The ET Times in Korea has reported that Samsung has started to finalise a plan for a new OLED fab (tentatively called ‘A5’) which will have capacity of 180,000 G6 substrates per month, expandable to 270,000 and has started negotiating for equipment, which is how news broke. The plant would be 33% bigger than the current A3 OLED plant. The company board is due to finalise the decision next month, the paper said.

The plant is unlikely to be ready for production until early 2019 if work starts this year. Estimates are that Samsung will need to invest $14 billion in equipment at the fab to achieve this capacity, on top of around $1.75 billion for the factory itself.
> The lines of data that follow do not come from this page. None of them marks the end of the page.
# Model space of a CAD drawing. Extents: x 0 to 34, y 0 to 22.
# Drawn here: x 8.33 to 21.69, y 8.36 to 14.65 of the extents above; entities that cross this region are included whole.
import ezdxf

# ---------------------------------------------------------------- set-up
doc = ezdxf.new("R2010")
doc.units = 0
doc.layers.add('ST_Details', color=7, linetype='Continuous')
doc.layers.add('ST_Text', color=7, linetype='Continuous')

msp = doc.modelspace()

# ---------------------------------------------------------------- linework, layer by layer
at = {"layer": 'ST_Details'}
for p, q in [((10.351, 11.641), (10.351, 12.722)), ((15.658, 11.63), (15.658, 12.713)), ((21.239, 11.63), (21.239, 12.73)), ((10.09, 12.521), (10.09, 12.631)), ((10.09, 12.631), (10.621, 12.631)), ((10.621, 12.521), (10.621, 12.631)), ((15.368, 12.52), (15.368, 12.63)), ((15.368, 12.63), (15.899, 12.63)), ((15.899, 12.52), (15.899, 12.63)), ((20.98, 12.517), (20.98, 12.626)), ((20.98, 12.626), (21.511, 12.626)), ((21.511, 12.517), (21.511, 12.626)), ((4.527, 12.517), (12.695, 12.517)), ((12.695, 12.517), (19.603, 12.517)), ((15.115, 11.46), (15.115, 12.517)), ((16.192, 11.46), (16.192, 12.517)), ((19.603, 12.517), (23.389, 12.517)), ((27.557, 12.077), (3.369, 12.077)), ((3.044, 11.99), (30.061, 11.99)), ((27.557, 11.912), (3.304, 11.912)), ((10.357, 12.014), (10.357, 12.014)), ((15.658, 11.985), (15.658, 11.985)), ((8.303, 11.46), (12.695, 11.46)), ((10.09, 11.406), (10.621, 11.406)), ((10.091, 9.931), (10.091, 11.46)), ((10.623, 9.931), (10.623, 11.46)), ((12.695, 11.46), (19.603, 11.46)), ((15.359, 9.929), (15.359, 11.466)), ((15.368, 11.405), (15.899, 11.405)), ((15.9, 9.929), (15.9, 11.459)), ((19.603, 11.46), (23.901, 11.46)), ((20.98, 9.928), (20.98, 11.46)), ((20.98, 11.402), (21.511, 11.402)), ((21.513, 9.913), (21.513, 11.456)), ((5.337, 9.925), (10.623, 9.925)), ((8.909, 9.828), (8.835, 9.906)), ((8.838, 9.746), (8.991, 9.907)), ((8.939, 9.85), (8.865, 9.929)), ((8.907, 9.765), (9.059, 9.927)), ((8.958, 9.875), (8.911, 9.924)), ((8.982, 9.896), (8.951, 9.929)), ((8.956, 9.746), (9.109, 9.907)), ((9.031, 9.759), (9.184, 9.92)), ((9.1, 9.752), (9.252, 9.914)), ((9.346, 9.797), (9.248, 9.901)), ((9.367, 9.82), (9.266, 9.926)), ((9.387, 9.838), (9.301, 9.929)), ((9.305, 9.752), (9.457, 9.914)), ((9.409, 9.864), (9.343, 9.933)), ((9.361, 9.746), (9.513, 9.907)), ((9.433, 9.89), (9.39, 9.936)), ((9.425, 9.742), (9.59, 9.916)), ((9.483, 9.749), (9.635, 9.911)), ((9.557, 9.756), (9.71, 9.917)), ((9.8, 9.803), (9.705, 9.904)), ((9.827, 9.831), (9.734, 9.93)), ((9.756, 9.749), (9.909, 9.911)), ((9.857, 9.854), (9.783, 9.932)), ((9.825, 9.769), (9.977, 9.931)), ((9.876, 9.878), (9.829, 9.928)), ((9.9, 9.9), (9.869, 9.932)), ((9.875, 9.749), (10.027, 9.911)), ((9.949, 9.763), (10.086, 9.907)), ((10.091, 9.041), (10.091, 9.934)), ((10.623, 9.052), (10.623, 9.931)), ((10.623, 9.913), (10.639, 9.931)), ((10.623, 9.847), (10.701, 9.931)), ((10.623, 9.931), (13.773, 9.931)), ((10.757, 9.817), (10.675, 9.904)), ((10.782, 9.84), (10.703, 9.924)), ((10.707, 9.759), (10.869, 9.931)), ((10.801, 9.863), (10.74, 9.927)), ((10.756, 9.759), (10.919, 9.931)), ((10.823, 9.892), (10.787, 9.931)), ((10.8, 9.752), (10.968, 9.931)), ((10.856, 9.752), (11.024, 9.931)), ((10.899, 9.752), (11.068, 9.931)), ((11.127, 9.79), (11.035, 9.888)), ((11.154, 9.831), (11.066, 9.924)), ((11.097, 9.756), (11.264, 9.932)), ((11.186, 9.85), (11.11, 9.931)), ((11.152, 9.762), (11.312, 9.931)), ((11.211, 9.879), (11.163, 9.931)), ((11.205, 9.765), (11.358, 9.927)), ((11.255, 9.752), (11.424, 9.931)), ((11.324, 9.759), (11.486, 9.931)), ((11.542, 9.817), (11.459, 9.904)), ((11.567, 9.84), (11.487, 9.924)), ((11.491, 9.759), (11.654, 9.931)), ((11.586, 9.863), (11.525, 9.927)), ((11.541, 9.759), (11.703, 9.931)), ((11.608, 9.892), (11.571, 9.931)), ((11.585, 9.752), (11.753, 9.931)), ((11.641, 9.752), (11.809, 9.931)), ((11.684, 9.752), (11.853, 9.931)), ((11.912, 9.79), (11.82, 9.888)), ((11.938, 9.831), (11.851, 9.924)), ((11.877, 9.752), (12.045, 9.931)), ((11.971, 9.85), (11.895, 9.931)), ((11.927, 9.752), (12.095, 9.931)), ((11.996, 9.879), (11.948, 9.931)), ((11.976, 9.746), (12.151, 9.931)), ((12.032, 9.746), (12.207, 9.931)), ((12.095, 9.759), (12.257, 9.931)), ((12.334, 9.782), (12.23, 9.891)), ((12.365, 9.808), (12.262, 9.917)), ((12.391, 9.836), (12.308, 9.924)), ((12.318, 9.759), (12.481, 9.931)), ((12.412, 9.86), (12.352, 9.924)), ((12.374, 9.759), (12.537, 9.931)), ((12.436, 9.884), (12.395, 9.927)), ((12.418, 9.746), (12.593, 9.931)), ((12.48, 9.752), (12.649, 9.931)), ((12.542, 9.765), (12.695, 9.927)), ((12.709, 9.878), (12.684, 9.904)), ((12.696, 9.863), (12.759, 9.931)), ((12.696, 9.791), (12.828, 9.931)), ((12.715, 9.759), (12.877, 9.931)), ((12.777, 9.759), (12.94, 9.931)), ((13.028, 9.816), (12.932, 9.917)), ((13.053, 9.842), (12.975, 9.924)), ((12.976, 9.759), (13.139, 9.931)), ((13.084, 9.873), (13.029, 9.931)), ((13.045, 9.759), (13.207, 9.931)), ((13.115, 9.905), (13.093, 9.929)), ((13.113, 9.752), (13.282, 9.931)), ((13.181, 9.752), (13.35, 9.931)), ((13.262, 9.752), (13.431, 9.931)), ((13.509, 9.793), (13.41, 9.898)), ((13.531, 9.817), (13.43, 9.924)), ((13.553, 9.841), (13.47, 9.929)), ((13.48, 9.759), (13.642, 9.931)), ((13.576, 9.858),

The scale of the investment is such that the investment may take as long as three years to complete (and as we reported from the SID Business Conference, there are restrictions on the supply of critical equipment including photo lithography).

The paper said that in addition to this huge plant, Samsung is thinking about building two additional plants with 135,000 capacity, each, the same size as the current A3 plant which is still bringing equipment in.

Analyst Comment

I liked the comment in the ET Times that Samsung may be playing a ‘game of chicken’ in OLED. It seems to me that this should work well against traditional competitors such as LG Display and AUO. However, although it might raise the stakes for the potential Chinese competitors, especially BOE, it seems unlikely to stop it. However, the restrictions on supply of equipment are real and Samsung can potentially monopolise the supply side. Equipment makers won’t like it, but Samsung is a long standing company that can pay, so it will be hard to resist. Samsung will also have very large scale that will help it to keep its costs well below any competitor, meaning potentially a long loss-making period for any possible competitor. ET Times said that this is the strategy that Samsung employed in its memory business.

More than thirty years ago, I worked in the steel industry. A local company used to buy big shipping containers with a special steel section used that had very restricted supply. A small contractor realised that by booking the source materials when it received an enquiry, it could force out the delivery dates for later enquirers, forcing them to quote much longer delivery dates. Although there was some risk, winning that business turned it from a small sized company to a mid-sized company quite quickly with this technique!

As well as meeting the demand that Apple is making for flexible smartphone displays, the plant would be needed if products based on larger foldable displays are successfully developed and launched as the area of display is that much bigger.